As usual, we'll start by installing any extra required libraries and importing dependencies.

> ℹ️ **Troubleshooting install issues** if you run in to `ModuleNotFoundError` below, or the interactive widgets don't render for you:
>
> - Check you ran the below `!pip install` commands, and restarted the notebook kernel before running other code cells.
> - If a module looks like it was installed successfully but is missing from the notebook kernel environment, you may need to `%pip install` instead to install them in the right place.
> - You may need to restart your notebook kernel after installing pip libraries - Especially if you already `import`ed affected modules or are running on a SageMaker Notebook Instance instead of Studio.
> - Check you have the **`@jupyter-widgets/jupyterlab-manager`** and **`ipycanvas`** JupyterLab widgets installed (Use the puzzle piece icon "Extension Manager" sidebar tab, or click *Settings > Enable Extension Manager* if you don't see it). "Rebuild" JupyterLab if prompted, then save your work and refresh the page once the build is complete.
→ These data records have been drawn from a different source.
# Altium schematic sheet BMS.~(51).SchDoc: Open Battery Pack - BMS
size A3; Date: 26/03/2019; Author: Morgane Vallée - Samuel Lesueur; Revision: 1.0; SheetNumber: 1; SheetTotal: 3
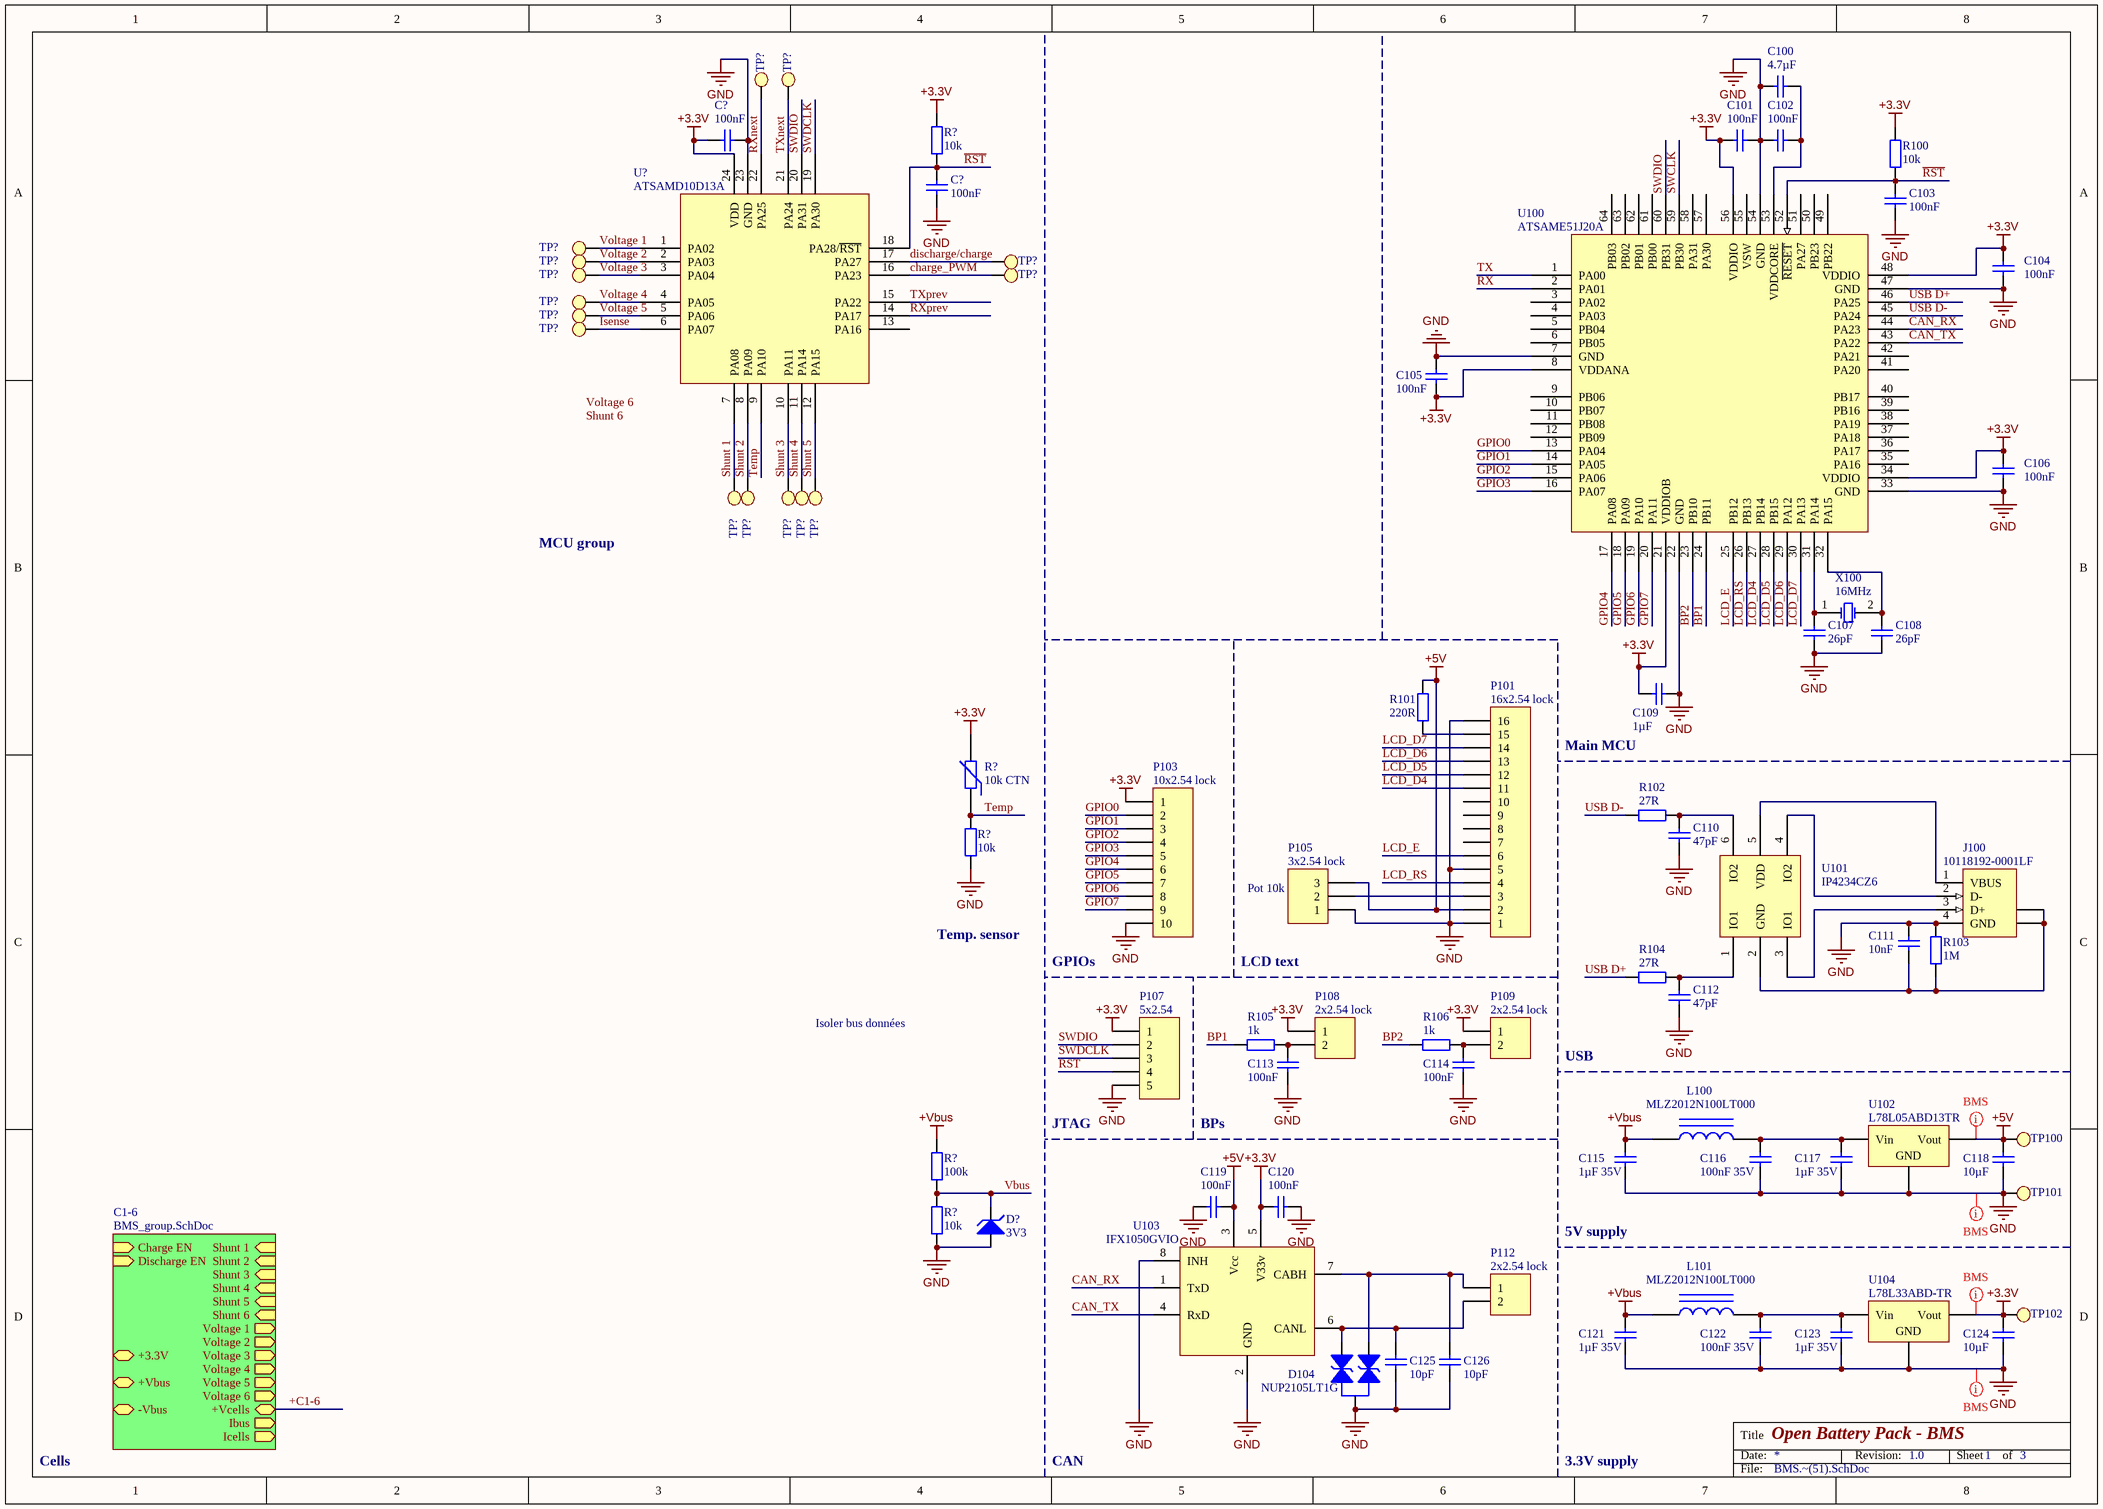
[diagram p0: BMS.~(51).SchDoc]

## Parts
(Parts that share a designator on the sheet are numbered #1, #2 ... from top to bottom, then left to right.)
C100  4.7µF  [C0603]
C101  100nF  [C0603]
C102  100nF  [C0603]
C103  100nF  [C0603]
C104  100nF  [C0603]
C105  100nF  [C0603]
C106  100nF  [C0603]
C107  26pF  [C0603]
C108  26pF  [C0603]
C109  1µF  [C0603]
C110  47pF  [C0603]
C111  10nF  [C0603]
C112  47pF  [C0603]
C113  100nF  [C0603]
C114  100nF  [C0603]
C115  1µF 35V  [C0805]
C116  100nF 35V  [C0603]
C117  1µF 35V  [C0805]
C118  10µF  [C0603]
C119  100nF  [C0603]
C120  100nF  [C0603]
C121  1µF 35V  [C0805]
C122  100nF 35V  [C0603]
C123  1µF 35V  [C0805]
C124  10µF  [C0603]
C125  10pF  [C0603]
C126  10pF  [C0603]
C?#1  100nF  [C0603]
C?#2  100nF  [C0603]
D104  NUP2105LT1G  [DIODES SOT-23-3]
D?  3V3  [DIODE-0.7]
J100  10118192-0001LF  [FCI USB 10118193-0001LF]
L100  MLZ2012N100LT000  [FER 0805/2012]
L101  MLZ2012N100LT000  [FER 0805/2012]
P101  16x2.54 lock  [HDR1X16]
P103  10x2.54 lock  [MOLEX KK 0022272101]
P105  3x2.54 lock  [MOLEX KK 0022272031]
P107  5x2.54  [HDR1X5]
P108  2x2.54 lock  [MOLEX KK 0022272021]
P109  2x2.54 lock  [MOLEX KK 0022272021]
P112  2x2.54 lock  [FCI 06-381-2PIN]
R100  10k  [R0603]
R101  220R  [R0603]
R102  27R  [R0603]
R103  1M  [R0603]
R104  27R  [R0603]
R105  1k  [R0603]
R106  1k  [R0603]
R?#1  10k  [R0603]
R?#2  10k CTN  [NTC 0402/1005]
R?#3  10k  [R0603]
R?#4  100k  [R0603]
R?#5  10k  [R0603]
TP100  Test Point  [Test Point]  (value not drawn)
TP101  Test Point  [Test Point]  (value not drawn)
TP102  Test Point  [Test Point]  (value not drawn)
TP?#1  Test Point  [Test Point]  (value not drawn)
TP?#2  Test Point  [Test Point]  (value not drawn)
TP?#3  Test Point  [Test Point]  (value not drawn)
TP?#4  Test Point  [Test Point]  (value not drawn)
TP?#5  Test Point  [Test Point]  (value not drawn)
TP?#6  Test Point  [Test Point]  (value not drawn)
TP?#7  Test Point  [Test Point]  (value not drawn)
TP?#8  Test Point  [Test Point]  (value not drawn)
TP?#9  Test Point  [Test Point]  (value not drawn)
TP?#10  Test Point  [Test Point]  (value not drawn)
TP?#11  Test Point  [Test Point]  (value not drawn)
TP?#12  Test Point  [Test Point]  (value not drawn)
TP?#13  Test Point  [Test Point]  (value not drawn)
TP?#14  Test Point  [Test Point]  (value not drawn)
TP?#15  Test Point  [Test Point]  (value not drawn)
U100  ATSAME51J20A  [TQFP-64N]
U101  IP4234CZ6  [VISHAY TSOP-6 MO-193C]
U102  L78L05ABD13TR  [ST SOIC-8N]
U103  IFX1050GVIO  [INFINEON SO-8]
U104  L78L33ABD-TR  [ST SOIC-8N]
U?  ATSAMD10D13A  [SMSC QFN-24 4x4MM]
X100  16MHz  [ABRACON ABLS]

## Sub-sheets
C1-6 = BMS_group.SchDoc: -Vbus, +Vbus, Shunt 1 (in), Shunt 2 (in), Shunt 3 (in), Shunt 4 (in), Shunt 5 (in), Shunt 6 (in), Voltage 1 (out), Voltage 2 (out), Voltage 3 (out), Voltage 4 (out), +3.3V, Voltage 5 (out), Voltage 6 (out), +Vcells, Charge EN (in), Discharge EN (in), Ibus (out), Icells (out)

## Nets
+3.3V: C101.2 C104.2 C105.1 C106.2 C109.2 C120.1 C124.1 C?#1.2 P103.1 P107.1 P108.1 P109.1 R100.2 R?#1.2 R?#2.2 TP102.1 U100.8(VDDANA) U100.21(VDDIOB) U100.34(VDDIO) U100.48(VDDIO) U100.56(VDDIO) U103.5(V33v) U104.3(Vout) U?.24(VDD)
+5V: C118.1 C119.2 P101.2 P105.3 R101.2 TP100.1 U102.3(Vout) U103.3(Vcc)
+Vbus: C115.1 C121.1 L100.1 L101.1 R?#4.1
GND: C100.2 C101.1 C102.2 C103.1 C104.1 C105.2 C106.1 C107.1 C108.1 C109.1 C110.1 C111.2 C112.1 C113.1 C114.1 C115.2 C116.2 C117.2 C118.2 C119.1 C120.2 C121.2 C122.2 C123.2 C124.2 C125.1 C126.1 C?#1.1 C?#2.1 D104.3 D?.1(A) J100.4(GND) P101.1 P101.5 P101.16 P103.10 P105.1 P107.5 R103.1 R?#3.2 R?#5.2 TP101.1 U100.7(GND) U100.22(GND) U100.33(GND) U100.47(GND) U100.54(GND) U102.2(GND) U103.2(GND) U103.8(INH) U104.2(GND) U?.23(GND)
BP1: R105.1 U100.24(PB11)
BP2: R106.1 U100.23(PB10)
CAN_RX: U100.44(PA23) U103.1(TxD)
CAN_TX: U100.43(PA22) U103.4(RxD)
charge_PWM: TP?#7.1 U?.16(PA23)
discharge/charge: TP?#5.1 U?.17(PA27)
GPIO0: P103.2 U100.13(PA04)
GPIO1: P103.3 U100.14(PA05)
GPIO2: P103.4 U100.15(PA06)
GPIO3: P103.5 U100.16(PA07)
GPIO4: P103.6 U100.17(PA08)
GPIO5: P103.7 U100.18(PA09)
GPIO6: P103.8 U100.19(PA10)
GPIO7: P103.9 U100.20(PA11)
Isense: TP?#10.1 U?.6(PA07)
LCD_D4: P101.11 U100.27(PB14)
LCD_D5: P101.12 U100.28(PB15)
LCD_D6: P101.13 U100.29(PA12)
LCD_D7: P101.14 U100.30(PA13)
LCD_E: P101.6 U100.25(PB12)
LCD_RS: P101.4 U100.26(PB13)
~{RST}: C103.2 C?#2.2 P107.4 R100.1 R?#1.1 U100.52(~{RESET}) U?.18(PA28/~{RST})
RX: U100.2(PA01)
RXnext: TP?#1.1 U?.22(PA25)
RXprev: U?.14(PA17)
Shunt 1: TP?#11.1 U?.7(PA08)
Shunt 2: TP?#12.1 U?.8(PA09)
Shunt 3: TP?#13.1 U?.10(PA11)
Shunt 4: TP?#14.1 U?.11(PA14)
Shunt 5: TP?#15.1 U?.12(PA15)
SWCLK: U100.59(PB30)
SWDCLK: P107.3 U?.19(PA30)
SWDIO: P107.2 U100.60(PB31) U?.20(PA31)
Temp: R?#2.1 R?#3.1 U?.9(PA10)
TX: U100.1(PA00)
TXnext: TP?#2.1 U?.21(PA24)
TXprev: U?.15(PA22)
USB D+: R104.1 U100.46(PA25)
USB D-: R102.1 U100.45(PA24)
Vbus: D?.2(K) R?#4.2 R?#5.1
Voltage 1: TP?#3.1 U?.1(PA02)
Voltage 2: TP?#4.1 U?.2(PA03)
Voltage 3: TP?#6.1 U?.3(PA04)
Voltage 4: TP?#8.1 U?.4(PA05)
Voltage 5: TP?#9.1 U?.5(PA06)
NetC100_1: C100.1 C102.1 U100.53(VDDCORE)
NetC107_2: C107.2 U100.31(PA14) X100.1(OSC1)
NetC108_2: C108.2 U100.32(PA15) X100.2(OSC2)
NetC110_2: C110.2 R102.2 U101.6(IO2)
NetC111_1: C111.1 J100.5(SHLD) J100.6(SHLD) R103.2 U101.2(GND)
NetC112_2: C112.2 R104.2 U101.1(IO1)
NetC113_2: C113.2 P108.2 R105.2
NetC114_2: C114.2 P109.2 R106.2
NetC116_1: C116.1 C117.1 L100.2 U102.1(Vin)
NetC122_1: C122.1 C123.1 L101.2 U104.1(Vin)
NetC125_2: C125.2 D104.2 P112.2 U103.6(CANL)
NetC126_2: C126.2 D104.1 P112.1 U103.7(CABH)
NetJ100_1: J100.1(VBUS) U101.5(VDD)
NetJ100_2: J100.2(D-) U101.4(IO2)
NetJ100_3: J100.3(D+) U101.3(IO1)
NetP101_3: P101.3 P105.2
NetP101_15: P101.15 R101.1

Not connected (* = marked no-connect by the designer): P101 7 8 9 10; U100 3(PA02) 4(PA03) 5(PB04) 6(PB05) 9(PB06) 10(PB07) 11(PB08) 12(PB09) 35(PA16) 36(PA17) 37(PA18) 38(PA19) 39(PB16) 40(PB17) 41(PA20) 42(PA21) 49(PB22) 50(PB23) 51(PA27) 55(VSW) 57(PA30) 58(PA31) 61(PB00) 62(PB01) 63(PB02) 64(PB03); U? 13(PA16)

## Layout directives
net class BMS: +3.3V, +5V, GND

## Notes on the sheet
- MCU group
- Main MCU
- (near P105) Pot 10k
- Temp. sensor
- GPIOs
- LCD text
- Isoler bus données
- JTAG
- BPs
- USB
- 5V supply
- Cells
- CAN
- 3.3V supply
- Labels drawn without touching a wire or pin: Shunt 6, Voltage 6

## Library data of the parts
C100-C126 C?#1 C?#2 = Cap: Capacitor
D104 = Dual Line TVS
D? = Diode Zener
J100 = 1-353576-1: USB 1.1, Right Angle, SMT, A Type, Receptacle, 4 Position, White; pin to pad: 4>5 5>S 6>S
L100 L101 = Inductor Iron: Magnetic-Core Inductor
P101 = Header 16: Header, 16-Pin
P103 = Header 10: Header, 10-Pin
P105 = Header 3: Header, 3-Pin
P107 = Header 5: Header, 5-Pin
P108 P109 = Header 2: Header, 2-Pin
P112 = Header 2H: Header, 2-Pin, Right Angle
R100-R106 R?#1 R?#3-R?#5 = Res2: Resistor
R?#2 = Res Varistor: Varistor (Voltage-Sensitive Resistor)
U101 = IP4234CZ6: Single USB 2.0 ESD protection to IEC 61000-4-2 level 4
U102 U104 = Volt Reg: Voltage Regulator; pin to pad: 1>8 2>2+3+6+7 3>1
U103 = IFX1050GVIO: High Speed CAN-Transceiver
X100 = XTAL: Crystal Oscillator

In Studio, you may also need to open a system terminal and run `restart-jupyter-server`.
>
> In practice (and in this workshop's CloudFormation templates), JupyterLab extensions are typically installed via **lifecycle configuration scripts** for [Studio](https://aws.amazon.com/blogs/machine-learning/customize-amazon-sagemaker-studio-using-lifecycle-configurations/) or [Notebook Instances](https://docs.aws.amazon.com/sagemaker/latest/dg/notebook-lifecycle-config.html) - rather than manual installs by users.

In [None]:
# First install some libraries which might not be available across all kernels:
!pip install "ipycanvas<0.13" "ipywidgets<8" matplotlib

> ⚠️ ***RESTART your notebook kernel*** before continuing! (Circular arrow button in the toolbar)

If you don't restart the kernel after the install, the interactive drawing widget might not work later.

In [None]:
%load_ext autoreload
%autoreload 2

# Python Built-Ins:
import glob
import os

# External Dependencies:
import matplotlib.pyplot as plt
import numpy as np
import tensorflow as tf
from tensorflow.keras import backend as K
from tensorflow.keras.layers import Conv2D, Dense, Dropout, Flatten, MaxPooling2D
from tensorflow.keras.models import Sequential

# Local Notebook Utils:
import util

%matplotlib inline

print(f"Using TensorFlow version {tf.__version__}")
print(f"Keras version {tf.keras.__version__}")

## Prepare the Data

Now let's download the image data.

The original MNIST data has 70,000 small 28x28 pixel PNG files (60,000 in the training dataset, and 10,000 in the test dataset). This format is nice and familiar - but a large number of tiny files is inefficient for storage and transfer - so **to keep things performant** we will:

- Download the data to a local temporary folder under `/tmp` (meaning you won't see the files in the left sidebar in SageMaker)
- Sample just a subset of the data to work with.

In [None]:
local_dir = "/tmp/mnist"
training_dir = f"{local_dir}/training"
testing_dir = f"{local_dir}/testing"

# Download the MNIST data from the Registry of Open Data on AWS
!rm -rf {local_dir}
!mkdir -p {local_dir}
!aws s3 cp s3://fast-ai-imageclas/mnist_png.tgz {local_dir} --no-sign-request

# Un-tar the MNIST data, stripping the leading path element; this will leave us with directories
# {local_dir}/testing/ and {local_dir/training/
!tar zxf {local_dir}/mnist_png.tgz -C {local_dir}/ --strip-components=1 --no-same-owner

# Get the list of files in the training and testing directories recursively
train_files = sorted(list(glob.iglob(os.path.join(training_dir, "*/*.png"), recursive=True)))
test_files = sorted(list(glob.iglob(os.path.join(testing_dir, "*/*.png"), recursive=True)))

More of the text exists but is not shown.